The issue presented by the defendant United States’ motion therefore reduces itself, in the court’s opinion, to whether the plaintiff bank’s lien against the Ford pickup truck to secure Taft & Associates’ earlier borrowing (the installment sale contract), granted by the dragnet clause used in the second financing transaction, was supported by consideration once Taft & Associates’ note, the one by which it borrowed the funds with which to acquire the Ford pickup truck, was paid. The answer to this, under the language in the footnote to the Senate report which was carried over into the pertinent Treasury regulation, is that money parted with previously satisfies the statute if, under local law, past consideration is sufficient to support the security agreement.

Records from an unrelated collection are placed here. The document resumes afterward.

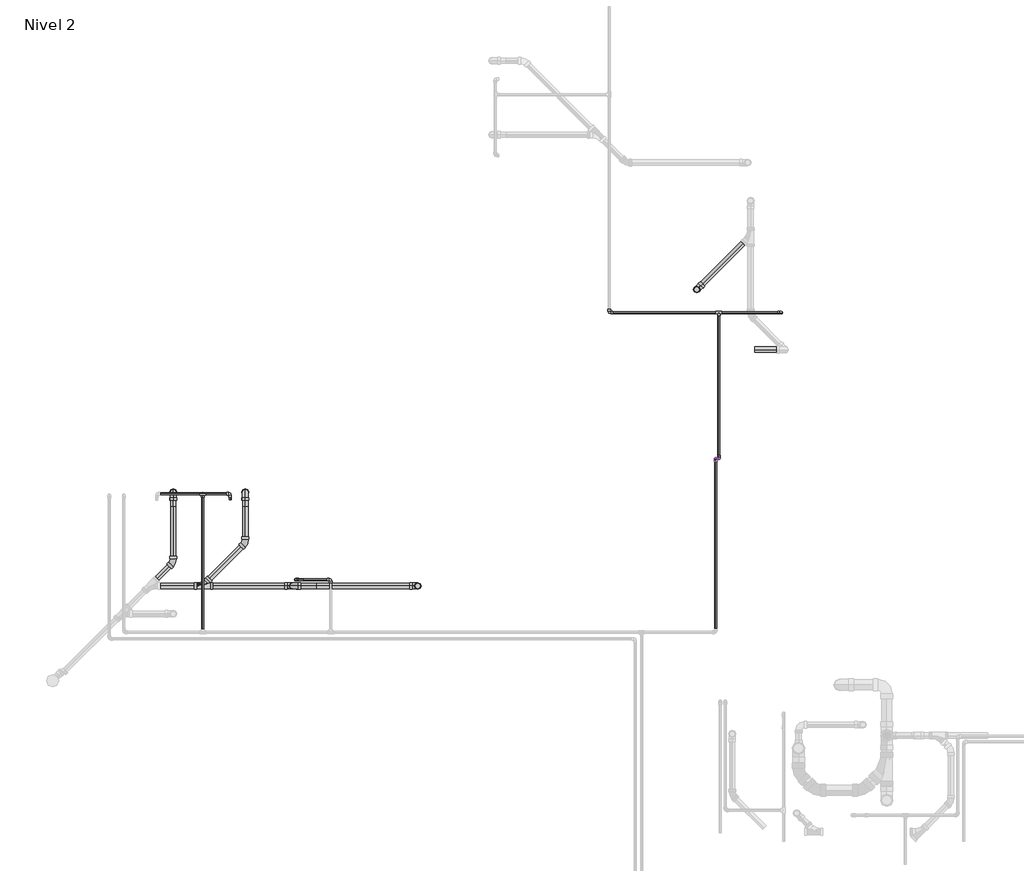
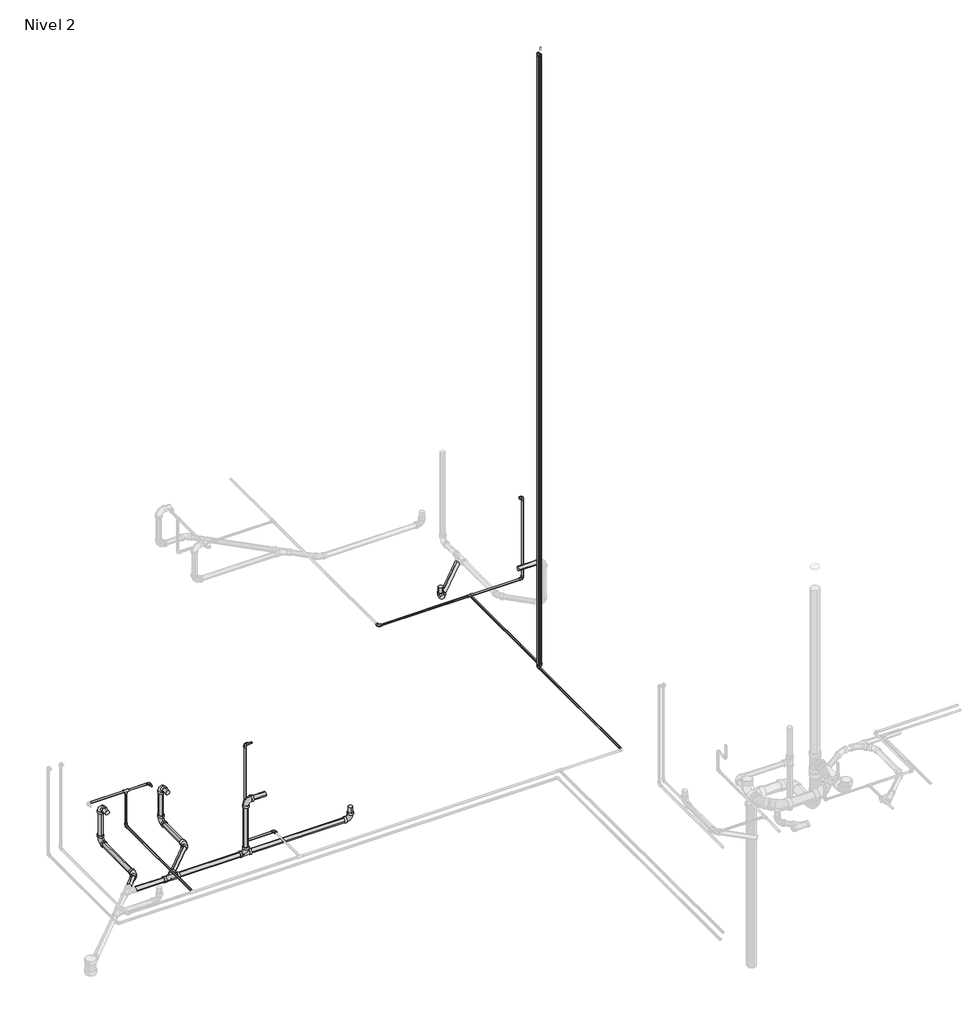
# One storey, part 5 of 9: 33 pipe segments, 24 pipe fittings.
"""IFC4 building model written with IfcOpenShell, lengths in millimetres."""

from ifc_helpers import new_model, si_unit, point, frame, frame_2d, origin, place, context, project, spatial, circle_curve, trimmed, segment, composite_curve, outline, extrude, transform, mapped, element, save
from components import pipe_fitting_ab418b84, pipe_fitting_0163322b, pipe_fitting_6ef1482d, m_codo_pvc_serie_40_9ad74631, m_codo_pvc_serie_40_dwv1_5c0ec739, m_codo_pvc_serie_40_dwv1_6f1a2495

model = new_model("IFC4")

# Units and contexts
model_context = context("Model", 3, world=origin())
ifc_project = project(units=[si_unit("LENGTHUNIT", "METRE", prefix="MILLI")], contexts=[model_context])

# Site, building, storey
site = spatial("IfcSite", under=ifc_project)
building = spatial("IfcBuilding", under=site)
storey = spatial("IfcBuildingStorey", under=building, Name="Nivel 2", Elevation=2800.0)

# Pipe fittings
placement = place(None, origin())
pipe_fitting_shape = pipe_fitting_ab418b84(model_context)
element("IfcPipeFitting", 1, ObjectType="M_Te - PVC - Serie 40 : Estándar", at=placement, inside=storey, context=model_context, shape_type="MappedRepresentation", body=[
    mapped(pipe_fitting_shape, transform((411.6630441, 9037.0181394, 3200.0), x_axis=(-1.0, 0.0, 0.0), y_axis=(0.0, 0.0, 1.0), z_axis=(0.0, 1.0, 0.0))),
])
element("IfcPipeFitting", 2, ObjectType="M_Te - PVC - Serie 40 : Estándar", at=placement, inside=storey, context=model_context, shape_type="MappedRepresentation", body=[
    mapped(pipe_fitting_shape, transform((5709.5674476, 10897.0181394, 2750.0), x_axis=(1.0, 0.0, 0.0), y_axis=(0.0, 1.0, 0.0), z_axis=(0.0, 0.0, 1.0))),
])
pipe_fitting_2_shape = pipe_fitting_0163322b(model_context)
element("IfcPipeFitting", 3, ObjectType="M_Sanitario con te de reducción - PVC - Serie 40 - DWV : Estándar", at=placement, inside=storey, context=model_context, shape_type="MappedRepresentation", body=[
    mapped(pipe_fitting_2_shape, transform((406.2028878, 8091.4220022, 2650.0), x_axis=(1.0, 0.0, 0.0), y_axis=(0.0, -1.0, 0.0), z_axis=(0.0, 0.0, -1.0))),
])
pipe_fitting_3_shape = pipe_fitting_6ef1482d(model_context)
element("IfcPipeFitting", 4, ObjectType="M_Sanitario con te de reducción - PVC - Serie 40 - DWV : Estándar", at=placement, inside=storey, context=model_context, shape_type="MappedRepresentation", body=[
    mapped(pipe_fitting_3_shape, transform((1335.9354338, 8091.4220022, 2650.0), x_axis=(1.0, 0.0, 0.0), y_axis=(0.0, 0.0, -1.0), z_axis=(0.0, 1.0, 0.0))),
])
m_codo_pvc_serie_40_shape = m_codo_pvc_serie_40_9ad74631(model_context)
element("IfcPipeFitting", 5, ObjectType="M_Codo - PVC - Serie 40 : Estándar", at=placement, inside=storey, context=model_context, shape_type="MappedRepresentation", body=[
    mapped(m_codo_pvc_serie_40_shape, transform((1725.1353284, 8157.0181394, 2750.0), x_axis=(0.0, 1.0, 0.0), y_axis=(-1.0, 0.0, 0.0), z_axis=(0.0, 0.0, 1.0))),
])
element("IfcPipeFitting", 6, ObjectType="M_Codo - PVC - Serie 40 : Estándar", at=placement, inside=storey, context=model_context, shape_type="MappedRepresentation", body=[
    mapped(m_codo_pvc_serie_40_shape, transform((1365.1353284, 8157.0181394, 2750.0), x_axis=(-1.0, 0.0, 0.0), y_axis=(0.0, 0.0, 1.0), z_axis=(0.0, 1.0, 0.0))),
])
element("IfcPipeFitting", 7, ObjectType="M_Codo - PVC - Serie 40 : Estándar", at=placement, inside=storey, context=model_context, shape_type="MappedRepresentation", body=[
    mapped(m_codo_pvc_serie_40_shape, transform((1365.1353284, 8157.0181394, 4000.0), x_axis=(0.0, 0.0, 1.0), y_axis=(1.0, 0.0, 0.0), z_axis=(0.0, 1.0, 0.0))),
])
element("IfcPipeFitting", 8, ObjectType="M_Codo - PVC - Serie 40 : Estándar", at=placement, inside=storey, context=model_context, shape_type="MappedRepresentation", body=[
    mapped(m_codo_pvc_serie_40_shape, transform((411.6630441, 9037.0181394, 2750.0), x_axis=(0.0, 1.0, 0.0), y_axis=(0.0, 0.0, 1.0), z_axis=(1.0, 0.0, 0.0))),
])
element("IfcPipeFitting", 9, ObjectType="M_Codo - PVC - Serie 40 : Estándar", at=placement, inside=storey, context=model_context, shape_type="MappedRepresentation", body=[
    mapped(m_codo_pvc_serie_40_shape, transform((691.6630441, 9037.0181394, 3200.0), x_axis=(0.0, 1.0, 0.0), y_axis=(-1.0, 0.0, 0.0), z_axis=(0.0, 0.0, 1.0))),
])
element("IfcPipeFitting", 10, ObjectType="M_Codo - PVC - Serie 40 : Estándar", at=placement, inside=storey, context=model_context, shape_type="MappedRepresentation", body=[
    mapped(m_codo_pvc_serie_40_shape, transform((4584.5674476, 10897.0181394, 2750.0), x_axis=(0.0, -1.0, 0.0), y_axis=(1.0, 0.0, 0.0), z_axis=(0.0, 0.0, 1.0))),
])
element("IfcPipeFitting", 11, ObjectType="M_Codo - PVC - Serie 40 : Estándar", at=placement, inside=storey, context=model_context, shape_type="MappedRepresentation", body=[
    mapped(m_codo_pvc_serie_40_shape, transform((6348.7776039, 10897.0181394, 2750.0), x_axis=(1.0, 0.0, 0.0), y_axis=(0.0, 0.0, 1.0), z_axis=(0.0, -1.0, 0.0))),
])
element("IfcPipeFitting", 12, ObjectType="M_Codo - PVC - Serie 40 : Estándar", at=placement, inside=storey, context=model_context, shape_type="MappedRepresentation", body=[
    mapped(m_codo_pvc_serie_40_shape, transform((6348.7776039, 10897.0181394, 3800.0), x_axis=(0.0, 0.0, 1.0), y_axis=(-1.0, 0.0, 0.0), z_axis=(0.0, -1.0, 0.0))),
])
element("IfcPipeFitting", 13, ObjectType="M_Codo - PVC - Serie 40 : Estándar", at=placement, inside=storey, context=model_context, shape_type="MappedRepresentation", body=[
    mapped(m_codo_pvc_serie_40_shape, transform((5676.6630441, 9399.5181394, 2750.0), x_axis=(0.0, 1.0, 0.0), y_axis=(0.0, 0.0, 1.0), z_axis=(1.0, 0.0, 0.0))),
])
element("IfcPipeFitting", 14, ObjectType="M_Codo - PVC - Serie 40 : Estándar", at=placement, inside=storey, context=model_context, shape_type="MappedRepresentation", body=[
    mapped(m_codo_pvc_serie_40_shape, transform((5709.5674476, 9399.5181394, 2750.0), x_axis=(0.0, -1.0, 0.0), y_axis=(0.0, 0.0, 1.0), z_axis=(-1.0, 0.0, 0.0))),
])
element("IfcPipeFitting", 15, ObjectType="M_Codo - PVC - Serie 40 : Estándar", at=placement, inside=storey, context=model_context, shape_type="MappedRepresentation", body=[
    mapped(m_codo_pvc_serie_40_shape, transform((5676.6630441, 9399.5181394, 10700.0), x_axis=(0.0, 0.0, 1.0), y_axis=(0.0, -1.0, 0.0), z_axis=(1.0, 0.0, 0.0))),
])
m_codo_pvc_serie_40_dwv1_shape = m_codo_pvc_serie_40_dwv1_5c0ec739(model_context)
element("IfcPipeFitting", 16, ObjectType="M_Codo - PVC - Serie 40 - DWV1 : Estándar 2", at=placement, inside=storey, context=model_context, shape_type="MappedRepresentation", body=[
    mapped(m_codo_pvc_serie_40_dwv1_shape, transform((5482.7118337, 11133.8085879, 2650.0), x_axis=(-0.7071067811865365, -0.7071067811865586, 0.0), y_axis=(0.0, 0.0, 1.0), z_axis=(-0.7071067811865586, 0.7071067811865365, 0.0))),
])
element("IfcPipeFitting", 17, ObjectType="M_Codo - PVC - Serie 40 - DWV1 : Estándar 2", at=placement, inside=storey, context=model_context, shape_type="MappedRepresentation", body=[
    mapped(m_codo_pvc_serie_40_dwv1_shape, transform((109.5958692, 9052.7311146, 3100.0), x_axis=(0.0, 1.0, 0.0), y_axis=(0.0, 0.0, -1.0), z_axis=(-1.0, 0.0, 0.0))),
])
element("IfcPipeFitting", 18, ObjectType="M_Codo - PVC - Serie 40 - DWV1 : Estándar 2", at=placement, inside=storey, context=model_context, shape_type="MappedRepresentation", body=[
    mapped(m_codo_pvc_serie_40_dwv1_shape, transform((109.5958692, 9052.7311146, 2650.0), x_axis=(0.0, 0.0, -1.0), y_axis=(0.0, -1.0, 0.0), z_axis=(-1.0, 0.0, 0.0))),
])
element("IfcPipeFitting", 19, ObjectType="M_Codo - PVC - Serie 40 - DWV1 : Estándar 2", at=placement, inside=storey, context=model_context, shape_type="MappedRepresentation", body=[
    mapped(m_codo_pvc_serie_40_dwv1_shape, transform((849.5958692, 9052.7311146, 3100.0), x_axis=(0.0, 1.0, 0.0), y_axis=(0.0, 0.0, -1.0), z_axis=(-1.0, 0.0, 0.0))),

Past consideration is plainly sufficient to support a security agreement under Tennessee law, which has adopted a version of the Uniform Commercial Code. A security interest attaches, in the absence of an agreement to delay attachment, as soon as there is a security agreement (or pledge), value has been given, and the debt- or has rights in the collateral. Tennessee Code Annotated § 47-9-203 (1991 supp.).3 A person gives value for rights if he or she acquires them “as security for ... a preexisting claim.” T.C.A. § 47-l-201(44)(b) (1991 supp.). Tennessee has recognized the validity of “present or future debts” or cross-collateralization clauses in real estate financing transactions since before its adoption of the Uniform Commercial Code. See Johnson v. Midland Bank and Trust *192Company, 715 S.W.2d 607 (Tenn.App.), permission to appeal denied, id. (Tenn. 1986), and authorities cited therein.
Even if choateness remains an issue in this case, on the date of the filing of the tax lien against the property of Taft & Associates, after the payment in full of this debtor’s note for the purchase money used to purchase the Ford pickup truck, the amount which was still secured by the truck was fixed: the total balance due on the earlier obligation, the assigned installment sale contract. The plaintiff bank had not at the time of the filing of the tax lien sold the repossessed Dodge van, and therefore remained free to elect to proceed against the Ford pickup truck.
For the reasons stated, the court will deny the United States’ motion to dismiss this civil action.
. The plaintiff has filed an exception [doc. 21] to the pretrial order to show that the notice of tax lien was filed in the appropriate register’s office on July 22, 1991. This does not affect the outcome in this case.
. Neither party has submitted any authority on the issue of the effect, if any, on the bank's cause of action of the fact that the bank stamped the August 15, 1988 security agreement "paid” on August 5, 1991. The court therefore assumes that this issue is reserved for trial, presently scheduled on September 25, 1992.
. There is no contest in this case concerning the plaintiff bank’s perfection (assuming attachment) of its security interests in Taft & Associates’ motor vehicles by compliance with the Tennessee statutes which deal specifically with the notation of liens on motor vehicle title certificates.